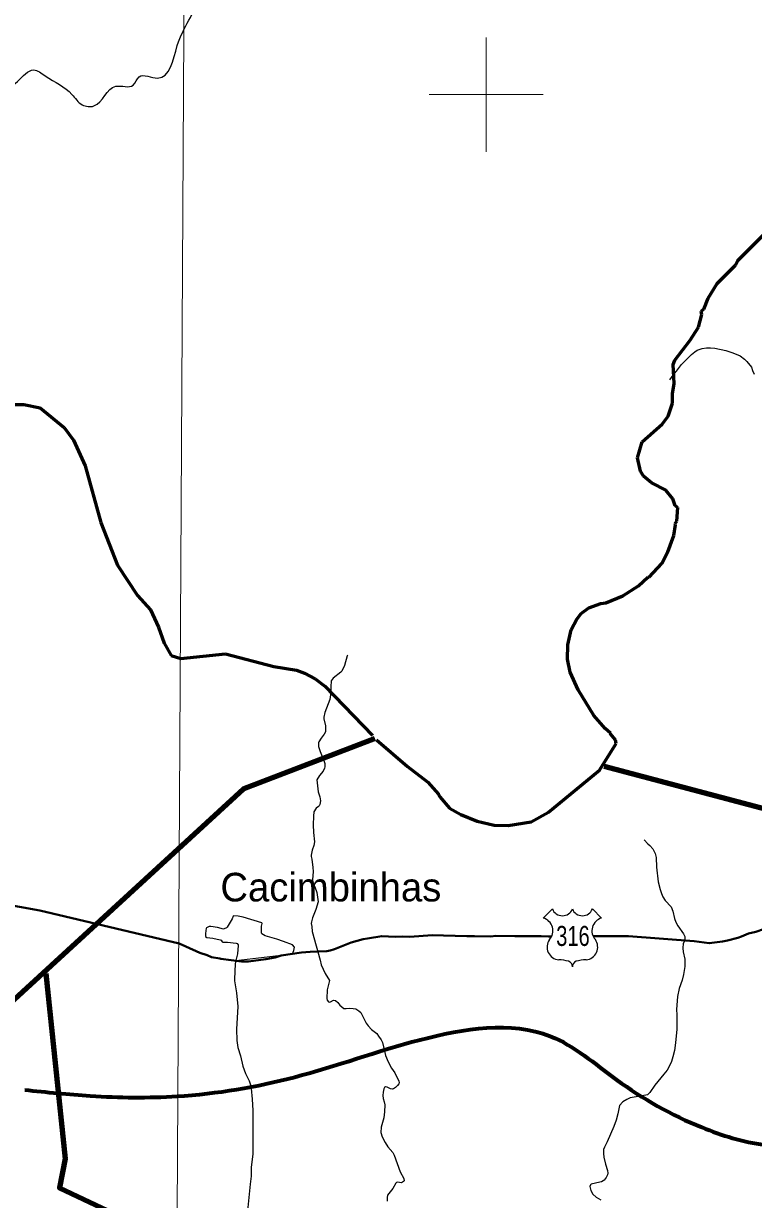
# Model space of a CAD drawing. Extents: x 553962 to 842807, y 8883888 to 9032388.
# Drawn here: x 716906 to 729677, y 8955681 to 8976242 of the extents above; entities that cross this region are included whole.
import ezdxf
from ezdxf.enums import TextEntityAlignment as Align

# ---------------------------------------------------------------- set-up
doc = ezdxf.new("R2010")
doc.units = 0
doc.header["$LTSCALE"] = 200
doc.linetypes.add('LONG_DASH_SHORT_DASH', pattern=[9.9, 6, -1.2, 1.5, -1.2])
for name, color, linetype, lineweight in [('1', 7, 'Continuous', 13), ('12', 7, 'Continuous', 25), ('2', 7, 'Continuous', 13), ('21', 7, 'Continuous', 25), ('24', 7, 'Continuous', 25), ('48', 7, 'Continuous', 25), ('51', 7, 'Continuous', 70), ('7', 7, 'LONG_DASH_SHORT_DASH', 60), ('9', 7, 'Continuous', 90)]:
    doc.layers.add(name, color=color, linetype=linetype, lineweight=lineweight)
doc.layers.add('41', color=7, linetype='Continuous')

msp = doc.modelspace()

# ---------------------------------------------------------------- linework, layer by layer
at = {"layer": '1'}
msp.add_lwpolyline([(719978.9, 9023574.5), (719561.6, 8949232.2), (719215.6, 8890710.6)], dxfattribs=at)
at = {"layer": '12', "lineweight": 40}
for points in [[(710551.5, 8961397.1), (711177.1, 8961501.2), (712016, 8961727.1), (712359, 8961724.2), (713550.7, 8961508.2), (716056.5, 8960938), (717193.5, 8960736.2), (719630.3, 8960157.3)], [(727488.2, 8960282.3), (728636.4, 8960199.6), (728903.4, 8960161.8), (729137.1, 8960189.3), (729219.7, 8960208.1), (729401, 8960258.8), (729465.4, 8960280.4), (729590.6, 8960330), (729719.4, 8960363), (729852.5, 8960406), (729969, 8960418.2), (730064.3, 8960434.8), (730362.8, 8960475.9), (730505.9, 8960510.9), (731000.5, 8960614.4), (731116.1, 8960622.6), (731172.1, 8960636.4), (731339.7, 8960662.3), (731644.2, 8960700.6)], [(721922.9, 8960009), (722213.7, 8960025.4), (722269.8, 8960036.4), (722349.1, 8960058.4), (722636.1, 8960173.1), (722845.7, 8960234.4), (722922.5, 8960243.5), (723174, 8960287.2), (723408.1, 8960273.8), (723541.7, 8960277.9), (723662.4, 8960276.1), (724053.4, 8960301.3), (724251.5, 8960299.1), (724661.8, 8960282.6), (724797.4, 8960284.4), (725081.1, 8960280.5), (725171.8, 8960288.1), (725504.3, 8960282.4), (725962.1, 8960286.2), (726091.1, 8960280.3), (726144.9, 8960281.9)], [(726871.4, 8960282.4), (727184.2, 8960282.3), (727488.2, 8960282.3)], [(719630.3, 8960157.3), (719924.9, 8960025), (719991.1, 8959995.2), (720116.1, 8959954.9), (720192.2, 8959919.6), (720337.5, 8959893.8), (720356.6, 8959891.3)], [(721309.9, 8959913.9), (721410.9, 8959945.9), (721766.8, 8959996.8), (721847.5, 8960004.7), (721922.9, 8960009)], [(720356.6, 8959891.3), (720717.1, 8959843.9), (720842.5, 8959844.2), (721142.7, 8959881.7), (721309.9, 8959913.9)]]:
    msp.add_lwpolyline(points, dxfattribs=at)
at = {"layer": '12'}
msp.add_lwpolyline([(720615.2, 8959855.5), (720600.9, 8959695.2), (720597, 8959505.1), (720630.5, 8959292.2), (720652.8, 8959055), (720632.1, 8958659.5), (720635, 8958462), (720656.1, 8958337.2), (720700.8, 8958191.8), (720743.2, 8958010.9), (720791.1, 8957885.8), (720852.6, 8957752.9), (720877.2, 8957688.2), (720888, 8957623.8), (720908.9, 8957434.4), (720919.8, 8957236.9), (720915.8, 8956822.8), (720917.5, 8956475.5), (720890.2, 8956243.7), (720885.8, 8956166.3), (720886.8, 8956088.9), (720868.9, 8955947.1), (720826.5, 8955484.8)], dxfattribs=at)
at = {"layer": '2'}
for p, q in [((725000, 8974000), (725000, 8976000)), ((724000, 8975000), (726000, 8975000))]:
    msp.add_line(p, q, dxfattribs=at)
at = {"layer": '21'}
for points in [[(721081.2, 8960508.1), (721077.4, 8960519.1), (720747.7, 8960615.2), (720662.9, 8960634.1), (720587.2, 8960643), (720575.8, 8960636.9), (720556, 8960586.9), (720470.6, 8960443.6), (720458.9, 8960430), (720418.1, 8960410.7), (720402.2, 8960408.3), (720301.9, 8960437.2), (720181, 8960453.2), (720156.1, 8960451.2), (720109.1, 8960428.1), (720098.9, 8960418.5), (720097.9, 8960382.4), (720087.7, 8960324.8), (720086.7, 8960296.8), (720091.3, 8960280.8), (720111.5, 8960263.6), (720216.2, 8960251.9), (720344.2, 8960222.5), (720362.4, 8960214), (720382.8, 8960188), (720394.4, 8960180.7), (720474.7, 8960182.3), (720628.9, 8960163.3), (720641.9, 8960157.8), (720658.4, 8960133.9), (720662.8, 8960119.5), (720650.8, 8959977.9), (720618.4, 8959856.9), (721612.4, 8959974.7)], [(721612.4, 8959974.7), (721632.5, 8960032.7), (721644.1, 8960093.2), (721614, 8960131.4), (721452.9, 8960193.9), (721340.2, 8960231.7), (721132.5, 8960290.7), (721078, 8960323.4), (721072, 8960337.7), (721069.2, 8960462.3), (721081.2, 8960508.1)]]:
    msp.add_lwpolyline(points, dxfattribs=at)
at = {"layer": '24'}
for points in [[(728214.3, 8970014.3), (728272, 8970092.8), (728331.6, 8970162.7), (728417.4, 8970282.5), (728594.8, 8970457.4), (728648.4, 8970499.8), (728691.9, 8970528.1), (728779.9, 8970559.1)], [(728779.9, 8970559.1), (728852.1, 8970572.7), (728924.3, 8970573), (729000.6, 8970564.2), (729191.8, 8970527), (729315.4, 8970483.8), (729446.4, 8970430), (729519.7, 8970374), (729562.9, 8970331.7), (729643.8, 8970234.4), (729657.8, 8970174.1), (729686.6, 8970110.8)], [(722575.5, 8965195.4), (722571, 8965187.9), (722519, 8965016.7), (722474.9, 8964918.2), (722459.2, 8964901.6), (722323.5, 8964797.9), (722290.5, 8964747.2), (722279.7, 8964646.8), (722281, 8964566), (722277.5, 8964502.2), (722266.5, 8964421.5), (722176.2, 8964195.9), (722157.5, 8964115.2), (722160.4, 8964087.6), (722187, 8963962.1), (722189.1, 8963859.1), (722167.7, 8963817.5), (722110.5, 8963747.7), (722070.3, 8963681.7), (722063.8, 8963664.4), (722068.1, 8963601.1), (722094, 8963516.1), (722162.6, 8963358.1), (722176.2, 8963303.1), (722177, 8963244), (722173.6, 8963223), (722150.4, 8963167.1), (722082.2, 8963092.3), (722039.2, 8963018), (722060.5, 8962810.2), (722090.5, 8962720.7), (722103.1, 8962648.5), (722089.6, 8962588.8), (722078.8, 8962562.8), (722066.8, 8962550.6), (722025.2, 8962521.8), (721986.8, 8962458), (721978, 8962385), (721975.3, 8962231.7), (721979, 8962096), (721995.3, 8961934.2), (721985.8, 8961870.2), (721954.4, 8961789.1)], [(727765.8, 8961970.3), (727825.8, 8961899), (727865.1, 8961870.8), (727914.4, 8961812.9), (727928.9, 8961790.8), (727957, 8961730.6), (727973.7, 8961658.3), (727982.1, 8961491.7), (728008.3, 8961232.6), (728042.5, 8961100.9), (728042.5, 8961100.9)], [(721954.4, 8961789.1), (721939, 8961701.5), (721940.5, 8961675.6), (721951.9, 8961632), (721968.9, 8961483.5), (721970.5, 8961415.5), (721961.3, 8961271), (721974.8, 8961199.1), (722002.5, 8961147.9), (722036.1, 8961049.7), (722059, 8960887.1), (722022.2, 8960752.4), (721958.8, 8960603.3), (721941.3, 8960535.4), (721939.8, 8960504.4), (721952, 8960451.2), (721953.6, 8960363.9)], [(728042.5, 8961100.9), (728066.8, 8961029.4), (728091.6, 8960973.5), (728132.1, 8960907.8), (728236.6, 8960797.5), (728265.1, 8960722.4), (728295.7, 8960595), (728319, 8960531.3), (728352.9, 8960467.6), (728449.6, 8960324.9), (728474.6, 8960281.8), (728477.4, 8960259.1), (728473.9, 8960208), (728448.7, 8960159), (728438.4, 8960076.1), (728447.6, 8960012.3), (728475.3, 8959880.6), (728477.7, 8959816.9), (728475.3, 8959753.2), (728452.1, 8959613.4), (728430.3, 8959518.6), (728374.1, 8959370.4), (728347.8, 8959231.5), (728331.8, 8959004.4), (728331.8, 8959004.4), (728335.5, 8958911.7), (728334.3, 8958656.7), (728310.4, 8958418), (728292.8, 8958286.4), (728267.6, 8958175.1), (728241.7, 8958095.1), (728211.8, 8958027.2), (728164.6, 8957944.8), (728110.8, 8957873.6), (728053, 8957810), (727953.2, 8957682.5), (727865.8, 8957554.2), (727836.3, 8957521.6), (727822.7, 8957513.3), (727793.9, 8957504.8), (727522, 8957455.7), (727461.9, 8957429.1), (727393.2, 8957387.5), (727330.4, 8957324.7), (727300.9, 8957176.3), (727274.3, 8957069.5), (727235.3, 8956955.2), (727115.7, 8956689.6), (727067.7, 8956593.8), (727054.2, 8956553.9), (727051.8, 8956483.4), (727060.3, 8956419.9), (727085.9, 8956300.9), (727122.2, 8956185.9), (727127.8, 8956143.5), (727122.6, 8956114.6), (727099.9, 8956065), (727062.7, 8956016.1), (727045.7, 8956009.6), (727016.4, 8955987.1), (726986.5, 8955986.3)], [(721953.6, 8960363.9), (722093.6, 8959865.1), (722115.4, 8959783), (722181.9, 8959629.9), (722261.1, 8959510.9)], [(722261.1, 8959510.9), (722232.9, 8959419.5), (722220.1, 8959349.1), (722211.4, 8959197.2), (722220.3, 8959168.5), (722243.5, 8959138), (722256, 8959132), (722279.2, 8959136), (722330.7, 8959164.3), (722365.7, 8959160.8), (722402.2, 8959127.6), (722442.3, 8959076.5), (722509.3, 8959021.4), (722549.7, 8959017.6), (722615.2, 8959023.5), (722670.4, 8959021.7), (722718.1, 8959012.5), (722774.8, 8958976.9), (722805.5, 8958948), (722900.4, 8958766.3), (722936.6, 8958715.7), (722995.9, 8958654.5), (723087, 8958581.5), (723116.2, 8958534.7)], [(723116.2, 8958534.7), (723162.6, 8958473.2), (723183.6, 8958425.5), (723238.3, 8958197.1), (723282.7, 8958086.6), (723342.1, 8957976.2), (723399.4, 8957895.1), (723474.7, 8957752.1), (723479.7, 8957724.8), (723473.3, 8957704.3), (723449.9, 8957676.3), (723412.8, 8957642), (723376.2, 8957617.7), (723360.7, 8957612.8), (723327.5, 8957613.9), (723266.1, 8957642.9), (723240.8, 8957648.2), (723221.2, 8957638.1), (723207.2, 8957613.1), (723195.8, 8957555.1), (723193.7, 8957499.8), (723199.5, 8957448.4), (723216.1, 8957389.2), (723224.3, 8957337.8), (723222.4, 8957215.7), (723211.1, 8957109.1), (723161.2, 8956943.2), (723155.2, 8956854.5), (723178.4, 8956777.7), (723231.8, 8956676.2), (723280.5, 8956599.2), (723364.6, 8956500.5), (723389.3, 8956454.5), (723495.1, 8956163.2), (723557.2, 8956045.2), (723565.7, 8956009), (723554.2, 8955994.3)], [(723554.2, 8955994.3), (723554.2, 8955994.3), (723519.5, 8955974.1), (723447.7, 8955984.5), (723432.7, 8955980), (723418, 8955965.8), (723364.6, 8955871.3), (723272.5, 8955754.9), (723268.2, 8955716.3), (723268.6, 8955650.3)], [(726986.5, 8955986.3), (726837.9, 8955949.1), (726825, 8955939.5), (726814.2, 8955910.4), (726817.4, 8955886), (726830.9, 8955839.7), (726865, 8955775.8), (726924.5, 8955721.1), (727005.9, 8955674.6)]]:
    msp.add_lwpolyline(points, dxfattribs=at)
msp.add_spline([(715037, 8973071.8), (715705.1, 8973746.2), (715968.5, 8974273.5), (716313.1, 8974881.9), (716799.5, 8975226.6), (717083.2, 8975429.4), (717285.9, 8975328), (717752, 8975003.5), (717934.4, 8974821), (718137.1, 8974800.7), (718522.2, 8975145.5), (718826.2, 8975165.8), (718927.5, 8975307.7), (719251.8, 8975287.5), (719596.3, 8975855.3), (719799, 8976301.5), (720042.2, 8976686.8), (720771.8, 8977072.1), (721197.4, 8977051.8), (721481.2, 8977356), (721987.8, 8977396.6), (722291.8, 8977356), (722514.8, 8977639.9), (722859.3, 8978086.1), (723244.4, 8978309.2), (723548.4, 8978795.9), (723507.9, 8979566.5), (723426.8, 8979749.1), (723730.8, 8980235.8), (724115.9, 8980418.3), (724501, 8980803.6), (724886, 8981067.2), (724886, 8981594.5), (724865.8, 8981939.3), (725068.4, 8982385.5), (725169.8, 8982831.6), (725331.9, 8983216.9), (725311.6, 8983582), (725473.8, 8983825.3), (725696.7, 8983987.6), (725777.8, 8984433.7), (725858.8, 8984636.5), (726183.1, 8984636.5), (726162.8, 8984920.5), (726284.5, 8985163.8), (726588.5, 8985569.4), (726993.8, 8986056.1), (726770.9, 8986299.5), (726466.9, 8986238.7), (726264.2, 8986340.1), (726527.7, 8986563.1), (726487.1, 8986745.7), (726770.9, 8986907.9), (727155.9, 8987090.4), (727297.8, 8987171.5), (727338.3, 8987496), (727581.6, 8987698.8), (727743.7, 8987921.9), (727905.8, 8988084.1), (728068, 8988408.6), (728351.7, 8988510), (728453, 8988814.2), (728655.7, 8988854.8), (728676, 8989098.1), (728898.9, 8989260.4), (729121.8, 8989260.4), (729284, 8989037.3), (729527.2, 8988733.1), (729750.1, 8988712.8), (729973.1, 8988834.5), (729993.3, 8988753.4), (730054.1, 8988530.3), (730135.2, 8988469.4), (730358.1, 8988469.4), (730459.5, 8988408.6), (730702.7, 8988489.7), (730702.7, 8988611.4), (730885.1, 8988652), (731067.5, 8988469.4), (731168.8, 8988347.8), (731472.8, 8988368), (731736.3, 8988631.7), (731857.9, 8988834.5), (732222.7, 8988814.2), (732324, 8989017), (732506.4, 8989138.7), (732547, 8989300.9), (732851, 8989402.3), (733073.9, 8989382), (733114.4, 8989666), (733215.8, 8989848.5)], degree=3, dxfattribs=at)
at = {"layer": '48'}
for p, q in [((725998.7, 8960602), (726158.6, 8960761.9)), ((726857.9, 8960761.9), (727017.9, 8960602))]:
    msp.add_line(p, q, dxfattribs=at)
for centre, radius, start, end in [((726333.4, 8960828.9), 187.2, 200.95927, 339.04073), ((726683.1, 8960828.9), 187.2, 200.95927, 339.04073), ((725936.6, 8960380.1), 230.3, 317.5721, 74.36886), ((727079.9, 8960380.1), 230.3, 105.62774, 222.4279), ((726290.1, 8960095), 224.7, 144.73733, 264.65778), ((726726.4, 8960095), 224.7, 275.34222, 35.26267), ((726268.2, 8959281.5), 589.7, 72.89371, 89.90057), ((726413.9, 8959754.9), 94.4, 357.69345, 72.92955), ((726602.6, 8959754.9), 94.4, 107.07045, 182.30655), ((726748.4, 8959281.5), 589.7, 90.09943, 107.10629)]:
    msp.add_arc(centre, radius, start, end, dxfattribs=at)
at = {"layer": '51'}
msp.add_spline([(716926.2, 8957598.1), (718074.6, 8957493.8), (719594.6, 8957486.8), (721652.8, 8957821.8), (723844.6, 8958473.8), (726122.5, 8958536.9), (727274.9, 8957780.4), (728772.1, 8956943.2), (729868.6, 8956635.9), (731465.1, 8956666.3)], degree=3, dxfattribs=at)
at = {"layer": '7'}
for points in [[(728775.4, 8971157.2), (728762.8, 8971215.3), (728807.7, 8971247.8), (728882.9, 8971442.9), (729041.4, 8971697.8), (729364.5, 8972018.1), (729404.2, 8972096.7), (730321.7, 8973018.8)], [(719658.3, 8965140.1), (720442, 8965220.3), (721288, 8965002.1), (721680.5, 8964933.5), (721820.1, 8964881.9), (722005.8, 8964784.1), (722178.5, 8964657), (723083.4, 8963715.2), (723625.8, 8963254.3), (723977.8, 8962977.1), (724168.2, 8962768.7), (724186.8, 8962722.9), (724359.5, 8962523.2), (724559.4, 8962414.2), (724841.1, 8962296.1), (725141, 8962223.5), (725386.8, 8962222.5), (725788.6, 8962283.2), (726090.3, 8962454.2), (726984.4, 8963189.7), (727272.9, 8963654), (727265.1, 8963720.5), (727171.4, 8963825.9), (727177.2, 8963835.7), (727083.5, 8963916.6), (726881.4, 8964145.8), (726607, 8964591.8), (726472.1, 8964903.4), (726424.9, 8965128.6), (726428, 8965378.3), (726489.2, 8965641.2), (726585.3, 8965827.1), (726663.7, 8965928.8), (726797, 8966026.6), (727004.8, 8966100.9), (727095.2, 8966112.8), (727389.2, 8966234.1), (727665.8, 8966411.4), (727830.4, 8966559.9), (727853.4, 8966559.4), (728073.8, 8966803.2), (728177.3, 8967005.8), (728281, 8967292.8), (728314.3, 8967479.3), (728306, 8967500.6), (728333.7, 8967541.7), (728350.7, 8967781.6), (728305.9, 8967811.8), (728268.5, 8967931), (728143.1, 8968083.6), (727891.6, 8968208.7), (727752.6, 8968328.3), (727699.6, 8968412.7), (727644.7, 8968647.4), (727727.1, 8968929.1), (728078.2, 8969238.6), (728184.2, 8969376), (728262.5, 8969602.8), (728262.6, 8969767.2), (728287.9, 8969948.7), (728268.9, 8970282.4), (728302.9, 8970356.4), (728566.6, 8970704.3), (728713.2, 8970930.1), (728775.4, 8971157.2)], [(714387.4, 8969902.2), (714562.6, 8969724), (714791.2, 8969580.7), (715019.8, 8969437.3), (715266.3, 8969329.2), (715566.5, 8969291.3), (716240, 8969497.5), (716452.6, 8969548.7), (716647.3, 8969582.3), (716912.5, 8969580.1), (717194.9, 8969524.6), (717616.1, 8969176.7), (717779.5, 8968954.6), (717981.6, 8968510.6), (718255.9, 8967518.7), (718550, 8966774), (718899, 8966240.8), (719126.6, 8965991.5), (719265.4, 8965689.9), (719369.1, 8965406.3), (719491, 8965193.2), (719658.3, 8965140.1)]]:
    msp.add_lwpolyline(points, dxfattribs=at)
at = {"layer": '9'}
msp.add_line((738230.2, 8960292.9), (727062.8, 8963254.1), dxfattribs=at)
for points in [[(705081.2, 8958366.8), (705509.2, 8948874.2), (720755.9, 8962863.6), (723053.6, 8963740.6)], [(717295.3, 8959630.3), (717636.9, 8956393.6), (717537.2, 8955887), (718376.1, 8955487), (718808.6, 8955185.8), (719472.1, 8954177.6), (719984.6, 8952814.2), (721077.3, 8952390.4), (721486.8, 8951456.6), (721666.8, 8950799.8), (721718.4, 8950547.1), (727920.4, 8947850.3), (733274.5, 8948007.9), (737635.8, 8948628.8)]]:
    msp.add_lwpolyline(points, dxfattribs=at)

# ---------------------------------------------------------------- texts
at = {"layer": '41'}
msp.add_text('Cacimbinhas', height=500, dxfattribs=at).set_placement((720350.3, 8960892.5))
at = {"layer": '48', "width": 0.75}
msp.add_text('316', height=350, dxfattribs=at).set_placement((726518.2, 8960114.2), align=Align.CENTER)

doc.saveas('drawing.dxf')

* _WORK TO COMPLETE_
What lines in the listing contain "import"? Copy them all.

* _FINISHED TASK_
import ezdxf
from ezdxf.enums import TextEntityAlignment as Align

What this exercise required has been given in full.